A new analyzer is a plain function: it takes a trace (or a run-directory path) and returns a dictionary. It lives in hilbertbench/analysis/, and it must follow the same contract as the existing six:

  • Read-only. It never writes to the trace (INV-002). Take a HilbertTrace, resolve what you need, compute, return.
  • Evidence in, dictionary out. Return a status string plus the quantitative evidence behind it. Do not invent a verdict the numbers do not support.
  • Quantify uncertainty. If you estimate a statistic, attach a bootstrap confidence interval (see analysis/_util.py for the shared helper) and let the verdict report low confidence when the interval straddles a threshold.
  • Degrade, don't guess. If the trace lacks what you need (an old trace with no calibration snapshot, say), return an "insufficient data" status — never a fabricated default (INV-008).
  • Document the threshold. Any decision cutoff is a named constant with a comment explaining where the number came from. Expose it as a function argument so callers can override it.

Add a test in tests/analysis/ that plants a known condition in a constructed trace and asserts the verdict, then regenerate the test catalog.

Adding a framework integration

An integration is a transparent proxy. It is the only place a heavy quantum library may be imported, and it carries the heaviest responsibility, because it runs during the user's experiment.

  • Parity is sacred. The proxy must not change the number of shots, executions, parameter bindings, or observables (INV-001). Forward the call to the real backend, wait for the result the user would have gotten anyway, and copy it aside. Never re-execute.
  • Record after, not instead. Run the real call first; record from its result. Recording must never sit on the critical path in a way that could alter timing or fail the user's job.
  • Failures are visible. Wrap recording so that a problem writing the trace cannot break the user's run, but is itself logged as an ERROR event, not silently dropped (INV-007).
  • Import locally. Keep the framework import inside the integration module so the core stays dependency-free (INV-004), and add a clear message if an optional dependency is missing.

The existing Qiskit and PennyLane proxies are the templates to copy.

Adding a trace-schema field

This is the one with the strictest rules, because the trace format is a long-lived contract.

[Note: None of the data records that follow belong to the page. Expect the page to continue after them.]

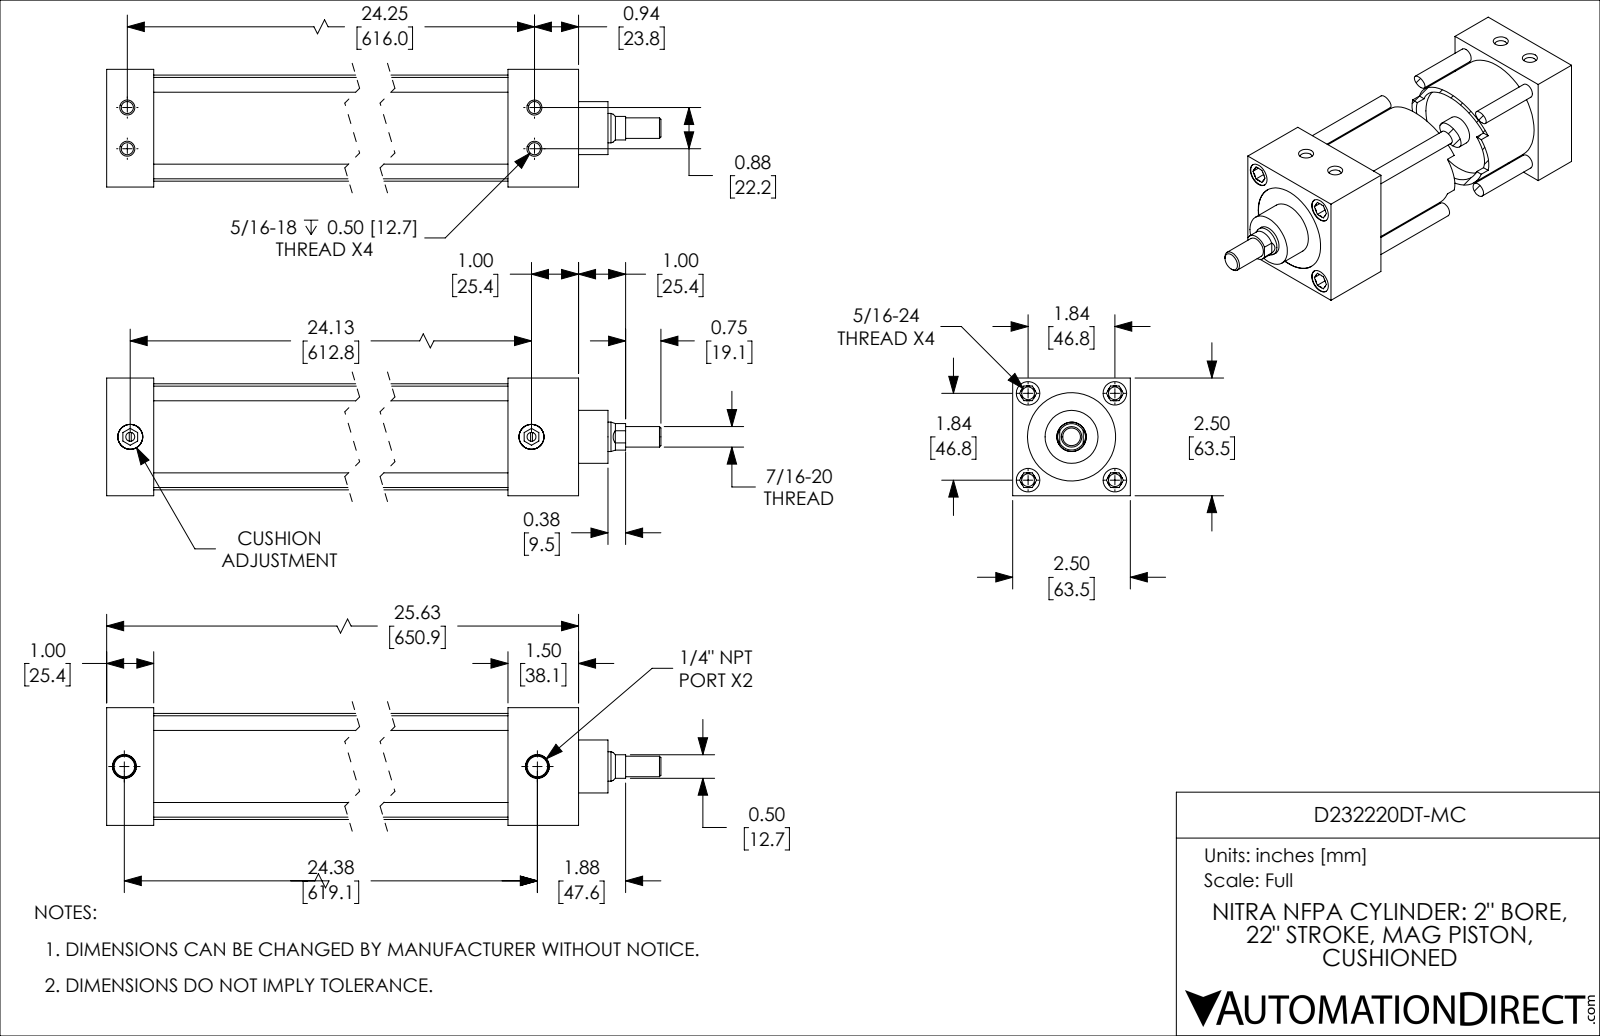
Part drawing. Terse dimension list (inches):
name: D232220DT-MC_PISTON_KK1; D232220DT-MC_CUSHION; D232220DT-MC; D232220DT-MC_BODY
written by: SolidWorks 2019 (CONFIG_CONTROL_DESIGN)
unit: in
bodies: 4 solids, 248 faces (90 planar, 78 cylindrical, 80 other)
size: 27.375 × 2.5 × 2.5
volume: 52.25 in³; area: 527.2 in²
holes: 7× ⌀0.272, 4× ⌀0.257, 4× ⌀0.5, 2× ⌀0.19, 2× ⌀0.438, 2× ⌀0.531, 1× ⌀0.626, 1× ⌀1.875, 1× ⌀2.001
bosses: 4× ⌀0.312, 2× ⌀0.532, 1× ⌀2.251, 1× ⌀1.999, 1× ⌀1.125, 1× ⌀0.624, 1× ⌀0.437
rounds: 1× R0.281
face distances: 2.5, 1, 24.125, 23.125, 1.125, 2.125, 22, 25.625, 24.625, 23.5
hole spacings: 1.84, 1.844, 1.301, 0.441, 0.443, 0.875, 1.304, 2.602

  • Edit the schema, never the models. Change the JSON Schema in schemas/, then regenerate the Python models (INV-003). See the schema guide.
  • Respect the version freeze. Once a schema version is tagged it is frozen forever (INV-005). A new field goes into a new version directory (v1.1/), not into a released one.
  • New fields are optional and degrade gracefully. Anything not present since the first release must be optional and nullable, so a reader of an older trace resolves it to None (INV-008).
  • Evidence only. The new field records what happened, never an interpretation of it (INV-006). Fields like is_converged or quality_score do not belong in a trace.

The rule behind the rules

Every extension rule traces back to one question: does this change keep the trace trustworthy? If an addition could let the recorder perturb an experiment, let a trace be edited after the fact, or let an analyzer invent data, it is rejected — regardless of how useful it seems. The compliance suite exists to catch the cases where good intentions would have broken a guarantee.